Folha de S. Paulo


As mulheres de Arequipa

Arequipa, cidade a 2.300 metros de altitude no sul do Peru, terra do grande escritor (e franco-atirador sem mira) Mario Vargas Llosa, tem ao menos dois enormes atrativos.

De cara, o centro histórico tombado pela Unesco –a plaza de Armas foi erigida em 1543 e mantém, como as ruas ao redor, o estilo colonial. Ladeada por vulcões e envolta pelo ar rarefeito, também preserva o impressionante convento de Santa Catalina (de 1580).

O outro patrimônio são as mulheres de Arequipa –especialmente as que comandam, até por gerações, as picanterias, restaurantes típicos locais.

Na origem eles eram bares para tomar a chicha, um fermentado leve de milho negro germinado, feito (desde antes dos incas) e servido por mulheres. Quem ia às chicherias para beber ganhava alguns petiscos ("picantes") para acompanhar. Hoje é o inverso: as pessoas vão às picanterias para comer os vigorosos pratos locais e a chicha é oferecida de graça.

O que não mudou é que as mulheres ainda dominam o ambiente. De geração em geração elas comandam as salas e as cozinhas. Mesmo um trabalho repetitivo e extenuante –usar uma pesada pedra (o batán) para moer os ingredientes dos molhos– também é manejado principalmente por mulheres, algumas com décadas de ofício, e sempre com um chapelão na cabeça.

Moídos num processador, os molhos perecem em horas. Pacientemente esmagados com o batán, eles podem durar quatro dias, e com uma consistência inigualável. A verdadeira picanteria usa o batán; além disso, a comida deve ser feita na lenha, e as ânforas de chicha devem estar sempre fermentando a bebida.

Segunda maior cidade do país (com mais de 800 mil habitantes), Arequipa tem um temperamento forte, dizem os locais, afirmando que todos os movimentos libertários do Peru começaram ali. E na altiva cidade peruana, fortes mesmo são as mulheres, completam elas, sem que ninguém proteste.

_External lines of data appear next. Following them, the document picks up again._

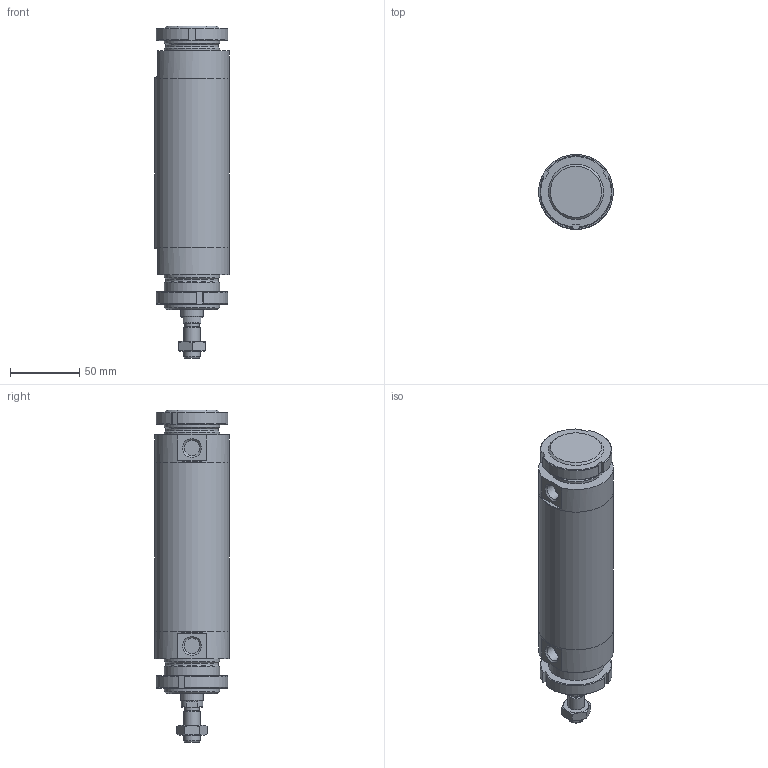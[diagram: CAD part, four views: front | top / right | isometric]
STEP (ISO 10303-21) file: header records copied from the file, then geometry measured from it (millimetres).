
FILE_DESCRIPTION(/* description */ (''),/* implementation_level */ '2;1');
FILE_NAME(/* name */ 'I:\Area Tecnica\Documenti\A-Manieri\_Inventor\12X\12X#C_###_####_#_#\12XAC_050_0080_#_#.stp',/* time_stamp */ '2015-04-28T15:19:43+02:00',/* author */ ('maniean1'),/* organization */ ('Pneumax S.p.A.'),/* preprocessor_version */ 'ST-DEVELOPER v15.2',/* originating_system */ 'Autodesk Inventor 2014',/* authorisation */ '');
FILE_SCHEMA (('AUTOMOTIVE_DESIGN { 1 0 10303 214 3 1 1 }'));
Length unit declared in the file: millimetre
Products named in the file (7): C1250_619-0080; 12X50_604; S12X50_0080; 12X_50_11; 12X50_620; G12X_050_05; 12XAC_050_0080_#_#
Bounding box: 54 x 54 x 240 mm (x, y, z)
Volume: 303644.9 mm3; surface area: 91866 mm2
Topology: 7 solids, 7 shells, 106 faces, 240 edges, 154 vertices
Faces by surface type: plane 52, cylinder 27, cone 27
Full cylindrical faces by diameter (mm): 10.2 x1, 11.4 x2, 12 x2, 14 x1, 15.6 x1, 16 x1, 38.2 x2, 40 x6, 50 x2, 54 x3
Entity records: 2243 total; most frequent: CARTESIAN_POINT 413, DIRECTION 382, ORIENTED_EDGE 292, AXIS2_PLACEMENT_3D 165, EDGE_CURVE 146, EDGE_LOOP 132, VERTEX_POINT 112, ADVANCED_FACE 85
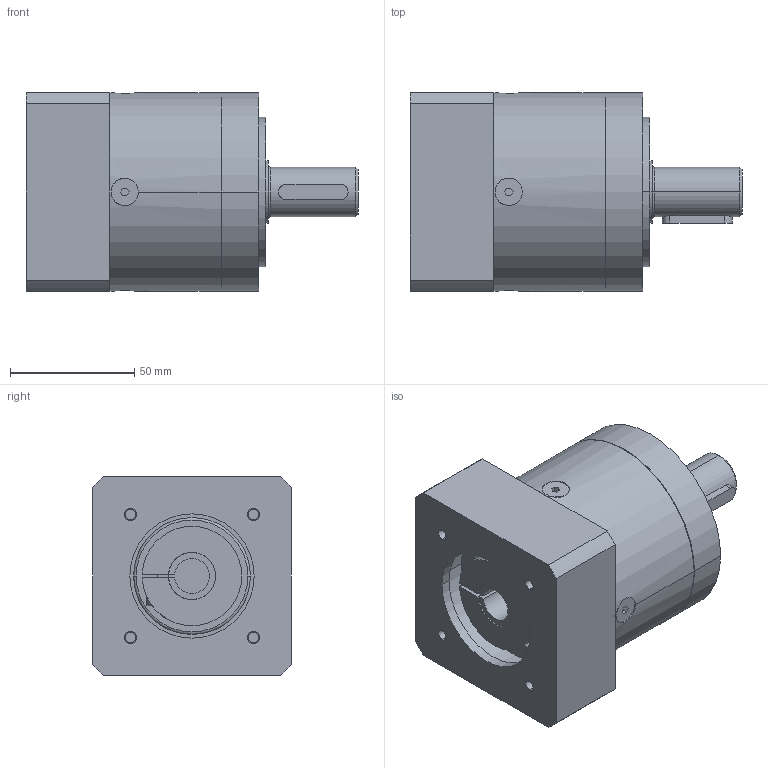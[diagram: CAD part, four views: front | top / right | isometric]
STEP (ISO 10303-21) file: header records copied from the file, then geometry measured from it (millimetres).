
FILE_DESCRIPTION((''),'2;1');
FILE_NAME('MB_PLE_MASTER','2026-03-26T11:03:15',('agw'),(''),'CREO PARAMETRIC BY PTC INC, 2022124','CREO PARAMETRIC BY PTC INC, 2022124','');
FILE_SCHEMA(('AUTOMOTIVE_DESIGN { 1 0 10303 214 1 1 1 1 }'));
Length unit declared in the file: millimetre
Products named in the file (1): MB_PLE_MASTER
Bounding box: 133.5 x 80 x 80 mm (x, y, z)
Volume: 496972.4 mm3; surface area: 58146.6 mm2
Topology: 1 solids, 10 shells, 186 faces, 463 edges, 345 vertices
Faces by surface type: plane 86, cylinder 86, torus 8, cone 6
Entity records: 6713 total; most frequent: CARTESIAN_POINT 1137, DIRECTION 1037, ORIENTED_EDGE 822, EDGE_CURVE 429, AXIS2_PLACEMENT_3D 387, VERTEX_POINT 279, VECTOR 263, LINE 263
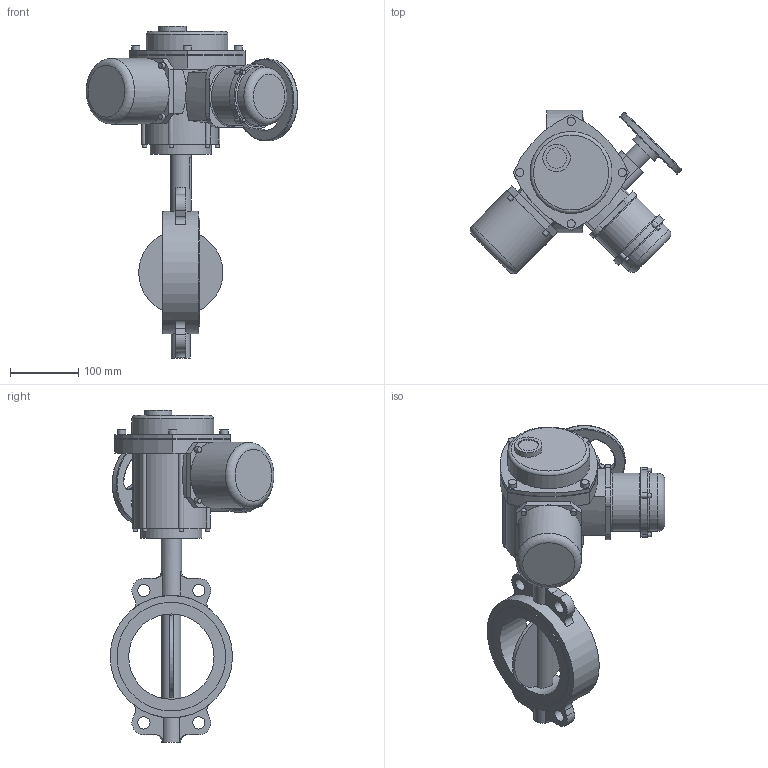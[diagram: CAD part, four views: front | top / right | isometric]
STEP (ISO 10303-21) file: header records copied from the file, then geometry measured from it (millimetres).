
FILE_DESCRIPTION(('STEP AP203'), '1');
FILE_NAME('青蜮铕 017W.Y_DN125_QT.Z 10', '', ('UNSPECIFIED'), ('UNSPECIFIED'), 'ASCON STEP Converter 1.6', 'ASCON Math Kernel', '');
FILE_SCHEMA(('CONFIG_CONTROL_DESIGN'));
Length unit declared in the file: millimetre
Bounding box: 310.08 x 239.48 x 486 mm (x, y, z)
Volume: 4603067.8 mm3; surface area: 386335.1 mm2
Topology: 1 solids, 1 shells, 304 faces, 713 edges, 452 vertices
Faces by surface type: cylinder 139, plane 117, torus 40, cone 8
Full cylindrical faces by diameter (mm): 6 x10, 6.647 x4, 8 x4, 10 x4, 12 x4, 12.386 x1, 18 x4, 28 x2, 30 x3, 40 x1, 45 x1, 85 x2, 90 x1, 96 x1, 120 x2, 125 x1, 159 x2, 179 x1
Entity records: 13250 total; most frequent: CARTESIAN_POINT 3814, DIRECTION 1572, ORIENTED_EDGE 1286, AXIS2_PLACEMENT_3D 668, EDGE_CURVE 643, VERTEX_POINT 447, EDGE_LOOP 431, CIRCLE 363
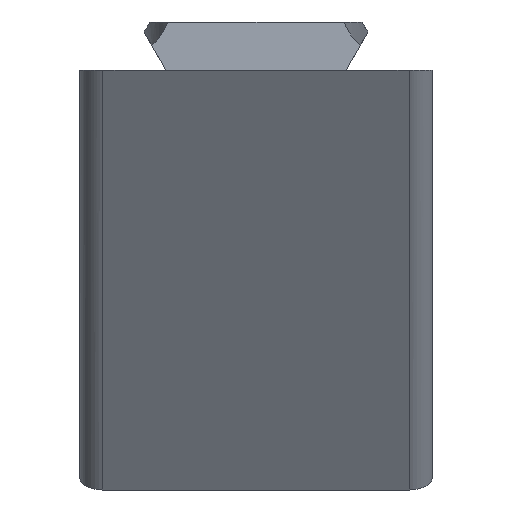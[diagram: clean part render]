
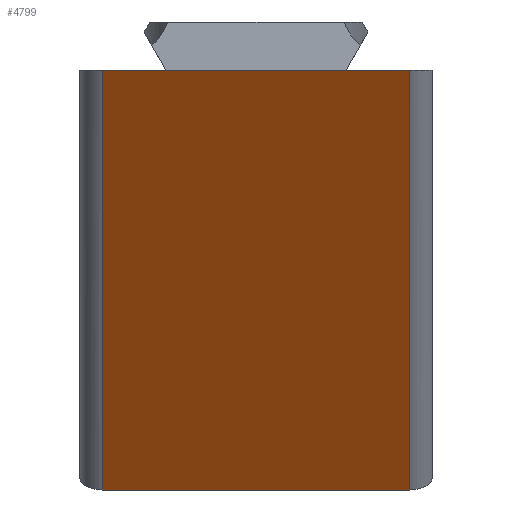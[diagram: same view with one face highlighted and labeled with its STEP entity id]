
A CAD part, left-side view. The second image highlights one B-rep face of the part: STEP entity #4799.
In plain terms, the highlighted planar face has unit normal (-0.819, 0, -0.574).
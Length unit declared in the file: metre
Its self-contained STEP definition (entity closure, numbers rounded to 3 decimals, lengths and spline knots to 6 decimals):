
#733=ORIENTED_EDGE('',*,*,#1943,.T.);
#734=ORIENTED_EDGE('',*,*,#2169,.T.);
#735=ORIENTED_EDGE('',*,*,#1895,.F.);
#736=ORIENTED_EDGE('',*,*,#2170,.T.);
#737=ORIENTED_EDGE('',*,*,#1959,.T.);
#738=ORIENTED_EDGE('',*,*,#2164,.T.);
#1895=EDGE_CURVE('',#2629,#2630,#3118,.T.);
#1943=EDGE_CURVE('',#2678,#2677,#3142,.T.);
#1959=EDGE_CURVE('',#2694,#2693,#3152,.T.);
#2164=EDGE_CURVE('',#2693,#2678,#3248,.T.);
#2169=EDGE_CURVE('',#2677,#2630,#3249,.T.);
#2170=EDGE_CURVE('',#2629,#2694,#3250,.F.);
#2629=VERTEX_POINT('',#6467);
#2630=VERTEX_POINT('',#6469);
#2677=VERTEX_POINT('',#6567);
#2678=VERTEX_POINT('',#6569);
#2693=VERTEX_POINT('',#6599);
#2694=VERTEX_POINT('',#6601);
#3118=LINE('',#6468,#3578);
#3142=LINE('',#6568,#3602);
#3152=LINE('',#6600,#3612);
#3248=LINE('',#7153,#3708);
#3249=LINE('',#7164,#3709);
#3250=LINE('',#7165,#3710);
#3578=VECTOR('',#5386,1.);
#3602=VECTOR('',#5466,1.);
#3612=VECTOR('',#5488,1.);
#3708=VECTOR('',#5680,1.);
#3709=VECTOR('',#5697,1.);
#3710=VECTOR('',#5698,1.);
#4077=EDGE_LOOP('',(#733,#734,#735,#736,#737,#738));
#4381=FACE_BOUND('',#4077,.T.);
#4658=PLANE('',#5154);
#4799=ADVANCED_FACE('',(#4381),#4658,.F.);
#5154=AXIS2_PLACEMENT_3D('',#7163,#5695,#5696);
#5386=DIRECTION('',(0.,1.,0.));
#5466=DIRECTION('',(0.,1.,0.));
#5488=DIRECTION('',(0.,1.,0.));
#5680=DIRECTION('',(0.,1.,0.));
#5695=DIRECTION('',(0.819,0.,0.574));
#5696=DIRECTION('',(0.574,0.,-0.819));
#5697=DIRECTION('',(0.574,0.,-0.819));
#5698=DIRECTION('',(0.574,0.,-0.819));
#6467=CARTESIAN_POINT('',(0.024957,-0.013,-0.035642));
#6468=CARTESIAN_POINT('',(0.024957,-0.015,-0.035642));
#6469=CARTESIAN_POINT('',(0.024957,0.013,-0.035642));
#6567=CARTESIAN_POINT('',(0.,0.013,0.));
#6568=CARTESIAN_POINT('',(0.,-0.015,0.));
#6569=CARTESIAN_POINT('',(0.,0.007695,0.));
#6599=CARTESIAN_POINT('',(0.,-0.007695,0.));
#6600=CARTESIAN_POINT('',(0.,-0.015,0.));
#6601=CARTESIAN_POINT('',(0.,-0.013,0.));
#7153=CARTESIAN_POINT('',(0.,0.,0.));
#7163=CARTESIAN_POINT('',(0.012479,-0.015,-0.017821));
#7164=CARTESIAN_POINT('',(0.012479,0.013,-0.017821));
#7165=CARTESIAN_POINT('',(0.,-0.013,0.));
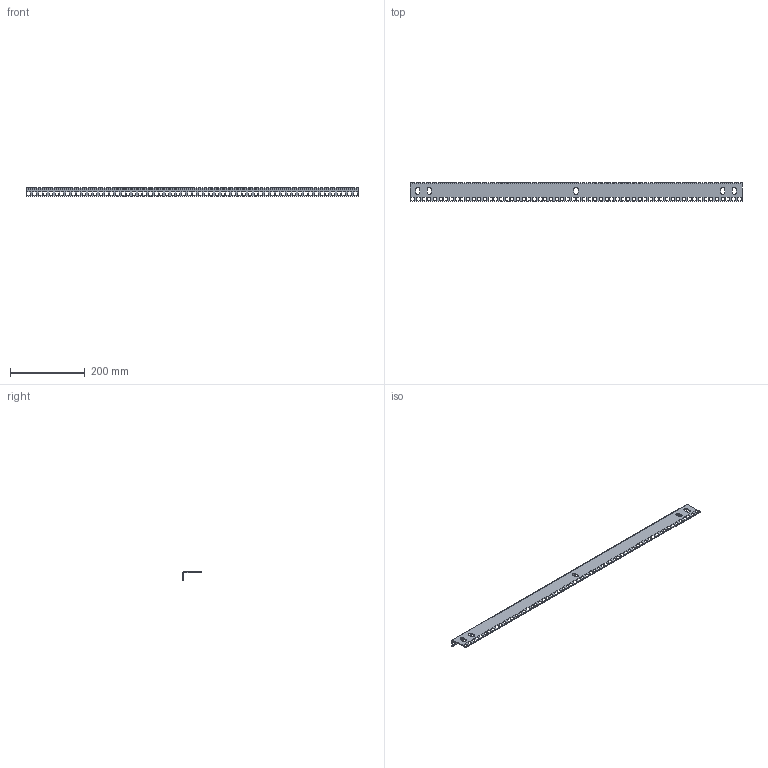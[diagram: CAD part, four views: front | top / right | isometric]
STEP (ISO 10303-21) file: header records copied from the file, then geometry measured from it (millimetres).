
FILE_DESCRIPTION( ( 'Unknown' ), '1' );
FILE_NAME( 'Q:/WEB DRAWINGS/STEP/CPR35SZPL.stp', 'Unknown', ( 'Unknown' ), ( 'Unknown' ), 'PSStep 14.0', 'Unknown', ' ' );
FILE_SCHEMA( ( 'AUTOMOTIVE_DESIGN { 1 0 10303 214 1 1 1 1 }' ) );
Length unit declared in the file: inch
Products named in the file (1): 1
Bounding box: 889.76 x 50.8 x 22.63 mm (x, y, z)
Volume: 121733.9 mm3; surface area: 117175.2 mm2
Topology: 1 solids, 1 shells, 510 faces, 1524 edges, 1016 vertices
Faces by surface type: plane 498, cylinder 12
Entity records: 21408 total; most frequent: CARTESIAN_POINT 3051, ORIENTED_EDGE 3048, DIRECTION 2570, EDGE_CURVE 1524, LINE 1500, VECTOR 1500, VERTEX_POINT 1016, EDGE_LOOP 760
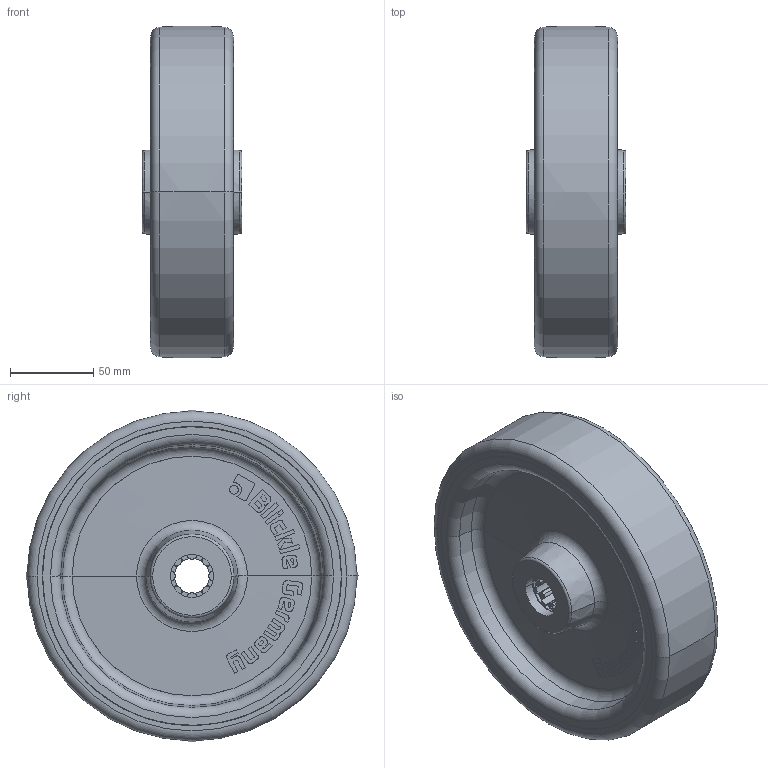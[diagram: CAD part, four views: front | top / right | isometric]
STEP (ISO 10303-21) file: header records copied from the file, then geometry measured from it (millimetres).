
FILE_DESCRIPTION (( 'STEP AP214' ), '1' );
FILE_NAME ('POTH_200_20R_044438-214.step', '2021-10-26T08:08:58', ( '' ), ( '' ), 'SwSTEP 2.0', 'SolidWorks 2018', '' );
FILE_SCHEMA (( 'AUTOMOTIVE_DESIGN' ));
Length unit declared in the file: millimetre
Products named in the file (2): POTH_200_20R_G16_3D; POTH_200_20R_044438-214
Assembly tree (1 placements, depth 2):
  POTH_200_20R_044438-214
    POTH_200_20R_G16_3D
Bounding box: 60 x 199.83 x 199.83 mm (x, y, z)
Volume: 899934.1 mm3; surface area: 124452.9 mm2
Topology: 1 solids, 9 shells, 728 faces, 1959 edges, 1296 vertices
Faces by surface type: plane 341, bspline 216, cylinder 89, cone 60, torus 22
Entity records: 33553 total; most frequent: CARTESIAN_POINT 15999, ORIENTED_EDGE 3918, DIRECTION 2351, EDGE_CURVE 1959, VERTEX_POINT 1296, B_SPLINE_CURVE_WITH_KNOTS 980, AXIS2_PLACEMENT_3D 860, EDGE_LOOP 793

Pelo menos foi o que ouvi das orgulhosas e eloquentes proprietárias de maravilhosas picanterias. Como a deliciosa La Nueva Palomino (facebook.com/LaNuevaPalomino ), com mesas dentro e fora, fogões a lenha fumegando e a espaçosa presença da herdeira Mónica Huerta (o documento mais antigo comprovando a existência da casa é de 1895).

Tranquila, cheia de sabedoria, Benita Quicaño Guillén toca a La Benita (labenita.com ) numa tradição de sete gerações, num espaço generoso que expõe de forma didática todo seu processo de produção (seu filho, Roger, abriu agora uma filial no centro histórico da cidade).

Mais eloquente é a festiva Saida Villanueva Salas ("em Arequipa quem manda são as mulheres"), dona da picanteria La Cau Cau, também com cara de casa e quintal familiares. Instituição histórica é La Lucila (picanterialalucila.com ), onde, embora a matriarca já não esteja viva, segue intacta a velha cozinha de lenha de mais de cem anos.

Para comer, há 700 receitas listadas na cozinha arequipenha –nenhuma de ceviche: trata-se de uma cozinha mais camponesa, de cozidos opulentos e frituras crocantes, alguns assados, muitos legumes e tubérculos locais, ajíes (pimentas) e laticínios.

São pratos como rocoto (pimentão picante) recheado com carne e queijo, chupe (sopa) de camarões, chaque (guisado) de carnes, pebre (sopa de galinha ou cordeiro), almendrado de pato (ave com amendoim), cuy chactado (porquinho-da-índia frito sob uma pedra), queso helado (sorbet de leite). Estes e mais centenas. Que nos alimentem as imperiosas mulheres de Arequipa.